During the baseline and first follow-up data collection, after the successful completion of the survey, each participant was asked to participate in a follow-up telephone interview about what the same child had eaten the day prior to the call (our study was not budgeted for recalls at the third wave of follow-up). Trained dietary interviewers made up to five call attempts to each participant who agreed to the call. One dietary recall was collected from each participant. Each participant was asked to provide details about everything the child had to eat and drink during the previous 24 h. Calls were made throughout the week; therefore dietary recalls included children’s weekday (school day for those in school) and weekend consumption. Days when atypical consumption could be expected, such as those surrounding Thanksgiving and Christmas, were avoided. All 24 h dietary recall data were analysed using the ESHA Research Food Processor database version 10·9 (ESHA Research, Salem, OR, USA).

Statistical analysis

Data were analysed in a fully controlled, difference-in-difference model, which includes an indicator for the time period (pre- or post-supermarket), the geographic location (Morrisania or Highbridge) and an interaction between time period and geographic location. The interaction is the key outcome of interest, showing whether there is any change in one geographic area over time that did not occur in the other. Ordinary least squares regression was utilized for continuous outcomes and logit models were used for dichotomous outcomes. Given the difficulty of interpreting interactions in non-linear models, ordinary least squares models were also estimated for these outcomes, with no appreciable change in results. The analysis controlled for gender, race/ethnicity, age, education, marital status and self-reported income of the parent/caregiver. P value <0·05 was considered statistically significant. The statistical software package Stata version 12 was used to perform all analyses.

Results

A total of 2230 surveys were collected. In Morrisania, where the supermarket opened, 423 surveys were collected at baseline, 431 at first follow-up and 249 at second follow-up. In Highbridge, the comparison community, 427 surveys were collected at baseline, 430 at first follow-up and 270 at second follow-up. Of all participants who took the survey at baseline or first follow-up, 53 % (912) consented to the telephone dietary recall.

The present analysis is based on 2172 street-intercept surveys and 363 dietary recalls. A total of fifty-eight surveys across both neighbourhoods and all time periods were excluded as they were identified as duplicates, incomplete or the participant lived outside the two neighbourhoods. Of 912 parents/caregivers who consented to the dietary recall, 61 % (n 557) completed the recall and 40 % (n 363) were included in the analysis. Twenty-one recalls were excluded because food intake was reported for a child who was not the focus of the survey, the family moved out of the neighbourhood or the parent/caretaker was not able to report on the majority of foods consumed by the child. An additional 173 dietary recalls were excluded from analysis because parents/caretakers were unable to provide sufficient information on their child’s lunch.

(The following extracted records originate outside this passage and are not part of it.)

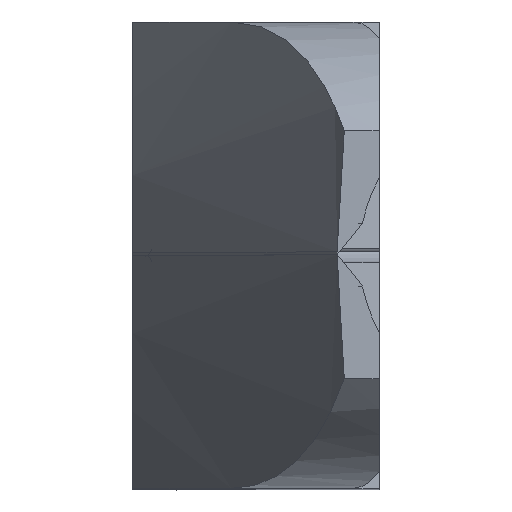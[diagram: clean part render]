
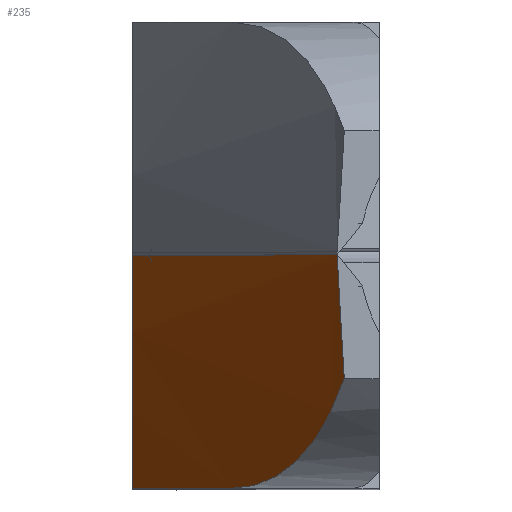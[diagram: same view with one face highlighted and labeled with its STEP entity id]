
A CAD part, top view. The second image highlights one B-rep face of the part: STEP entity #235.
In plain terms, the highlighted cylindrical face has radius 85 mm (diameter 170 mm), a partial arc.
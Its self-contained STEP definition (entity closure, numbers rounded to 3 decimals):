
#7 = CARTESIAN_POINT ( 'NONE',  ( -8.45, -15.999, 30.69 ) ) ;
#121 = CARTESIAN_POINT ( 'NONE',  ( -1.696, -15.998, 42.388 ) ) ;
#123 =( BOUNDED_CURVE ( )  B_SPLINE_CURVE ( 3, ( #1147, #1146, #1145, #1144 ),
 .UNSPECIFIED., .F., .F. ) 
 B_SPLINE_CURVE_WITH_KNOTS ( ( 4, 4 ),
 ( 3.142, 3.242 ),
 .UNSPECIFIED. ) 
 CURVE ( )  GEOMETRIC_REPRESENTATION_ITEM ( )  RATIONAL_B_SPLINE_CURVE ( ( 1., 0.999, 0.999, 1. ) ) 
 REPRESENTATION_ITEM ( '' )  );
#142 =( BOUNDED_CURVE ( )  B_SPLINE_CURVE ( 3, ( #3951, #3946, #3944, #3936 ),
 .UNSPECIFIED., .F., .T. ) 
 B_SPLINE_CURVE_WITH_KNOTS ( ( 4, 4 ),
 ( 6.283, 6.473 ),
 .UNSPECIFIED. ) 
 CURVE ( )  GEOMETRIC_REPRESENTATION_ITEM ( )  RATIONAL_B_SPLINE_CURVE ( ( 1., 0.997, 0.997, 1. ) ) 
 REPRESENTATION_ITEM ( '' )  );
#183 = B_SPLINE_CURVE_WITH_KNOTS ( 'NONE', 3,
 ( #4198, #4197, #4192, #4187, #4182, #4177, #4146, #4143, #4141, #4137, #4131, #4124, #4090, #4086 ),
 .UNSPECIFIED., .F., .F.,
 ( 4, 2, 2, 2, 2, 2, 4 ),
 ( 0., 0.005, 0.007, 0.01, 0.012, 0.015, 0.019 ),
 .UNSPECIFIED. ) ;
#235 = ADVANCED_FACE ( 'NONE', ( #2144 ), #2141, .T. ) ;
#1144 = CARTESIAN_POINT ( 'NONE',  ( 6.055, -8.498, 58. ) ) ;
#1145 = CARTESIAN_POINT ( 'NONE',  ( 5.727, -5.673, 58. ) ) ;
#1146 = CARTESIAN_POINT ( 'NONE',  ( 5.563, -2.837, 58. ) ) ;
#1147 = CARTESIAN_POINT ( 'NONE',  ( 5.563, 0.002, 58. ) ) ;
#1152 = DIRECTION ( 'NONE',  ( 0.5, 0., 0.866 ) ) ;
#1153 = CARTESIAN_POINT ( 'NONE',  ( -2.04, 0.002, 44.831 ) ) ;
#1324 = DIRECTION ( 'NONE',  ( 0.858, -0.134, -0.495 ) ) ;
#1326 = DIRECTION ( 'NONE',  ( 0.5, 0., 0.866 ) ) ;
#1328 = CARTESIAN_POINT ( 'NONE',  ( 63.754, 0., -11.211 ) ) ;
#1449 = VERTEX_POINT ( 'NONE', #2020 ) ;
#1553 = VERTEX_POINT ( 'NONE', #1991 ) ;
#1588 = VERTEX_POINT ( 'NONE', #2057 ) ;
#1619 = VERTEX_POINT ( 'NONE', #7 ) ;
#1620 = VERTEX_POINT ( 'NONE', #121 ) ;
#1991 = CARTESIAN_POINT ( 'NONE',  ( 5.563, 0.002, 58. ) ) ;
#2020 = CARTESIAN_POINT ( 'NONE',  ( 6.055, -8.498, 58. ) ) ;
#2057 = CARTESIAN_POINT ( 'NONE',  ( -8.45, 0.001, 33.728 ) ) ;
#2141 = CYLINDRICAL_SURFACE ( 'NONE', #3581, 85. ) ;
#2144 = FACE_OUTER_BOUND ( 'NONE', #2765, .T. ) ;
#2378 = ORIENTED_EDGE ( 'NONE', *, *, #3376, .F. ) ;
#2379 = ORIENTED_EDGE ( 'NONE', *, *, #3374, .F. ) ;
#2380 = ORIENTED_EDGE ( 'NONE', *, *, #3329, .F. ) ;
#2381 = ORIENTED_EDGE ( 'NONE', *, *, #3327, .F. ) ;
#2384 = ORIENTED_EDGE ( 'NONE', *, *, #3377, .T. ) ;
#2765 = EDGE_LOOP ( 'NONE', ( #2378, #2379, #2380, #2381, #2384 ) ) ;
#2815 = LINE ( 'NONE', #1153, #2816 ) ;
#2816 = VECTOR ( 'NONE', #1152, 1000. ) ;
#2849 = LINE ( 'NONE', #3996, #2850 ) ;
#2850 = VECTOR ( 'NONE', #3973, 1000. ) ;
#3327 = EDGE_CURVE ( 'NONE', #1588, #1553, #2815, .T. ) ;
#3329 = EDGE_CURVE ( 'NONE', #1553, #1449, #123, .T. ) ;
#3374 = EDGE_CURVE ( 'NONE', #1449, #1620, #183, .T. ) ;
#3376 = EDGE_CURVE ( 'NONE', #1620, #1619, #2849, .T. ) ;
#3377 = EDGE_CURVE ( 'NONE', #1588, #1619, #142, .T. ) ;
#3581 = AXIS2_PLACEMENT_3D ( 'NONE', #1328, #1326, #1324 ) ;
#3936 = CARTESIAN_POINT ( 'NONE',  ( -8.45, -15.999, 30.69 ) ) ;
#3944 = CARTESIAN_POINT ( 'NONE',  ( -8.45, -10.721, 32.713 ) ) ;
#3946 = CARTESIAN_POINT ( 'NONE',  ( -8.45, -5.372, 33.729 ) ) ;
#3951 = CARTESIAN_POINT ( 'NONE',  ( -8.45, 0.001, 33.728 ) ) ;
#3973 = DIRECTION ( 'NONE',  ( -0.5, 0., -0.866 ) ) ;
#3996 = CARTESIAN_POINT ( 'NONE',  ( -1.696, -15.998, 42.388 ) ) ;
#4086 = CARTESIAN_POINT ( 'NONE',  ( -1.696, -15.998, 42.388 ) ) ;
#4090 = CARTESIAN_POINT ( 'NONE',  ( -0.875, -15.998, 43.811 ) ) ;
#4124 = CARTESIAN_POINT ( 'NONE',  ( -0.087, -15.848, 45.234 ) ) ;
#4131 = CARTESIAN_POINT ( 'NONE',  ( 1.046, -15.382, 47.369 ) ) ;
#4137 = CARTESIAN_POINT ( 'NONE',  ( 1.412, -15.186, 48.075 ) ) ;
#4141 = CARTESIAN_POINT ( 'NONE',  ( 2.118, -14.719, 49.464 ) ) ;
#4143 = CARTESIAN_POINT ( 'NONE',  ( 2.458, -14.446, 50.149 ) ) ;
#4146 = CARTESIAN_POINT ( 'NONE',  ( 3.114, -13.819, 51.497 ) ) ;
#4177 = CARTESIAN_POINT ( 'NONE',  ( 3.43, -13.465, 52.16 ) ) ;
#4182 = CARTESIAN_POINT ( 'NONE',  ( 4.039, -12.669, 53.463 ) ) ;
#4187 = CARTESIAN_POINT ( 'NONE',  ( 4.327, -12.234, 54.092 ) ) ;
#4192 = CARTESIAN_POINT ( 'NONE',  ( 5.144, -10.822, 55.9 ) ) ;
#4197 = CARTESIAN_POINT ( 'NONE',  ( 5.626, -9.738, 57.008 ) ) ;
#4198 = CARTESIAN_POINT ( 'NONE',  ( 6.055, -8.498, 58. ) ) ;

The demographics of the samples are reported in Table 1. Children between the ages of 3 and 5 years made up the largest age group, with ages evenly distributed between both neighbourhoods. Half of this sample was male. The majority of parents/caretakers who took the survey identified themselves as Hispanic/Latino (59 %) and 35 % identified as Black/African-American. Half of the full sample was unemployed, 59 % had a total annual household income of under $US 25 000 and 63 % reported a high-school diploma or less as the highest grade or level of school completed. The neighbourhood samples were generally similar in most characteristics, with a few exceptions. Highbridge had a larger Hispanic/Latino population during all data collection periods and fewer participants there took the survey in English, reflecting the 2010 census data. Morrisania had a larger African-American population during both data collection periods. In addition, more participants in Morrisania were never married, whereas more Highbridge residents were married/living as married.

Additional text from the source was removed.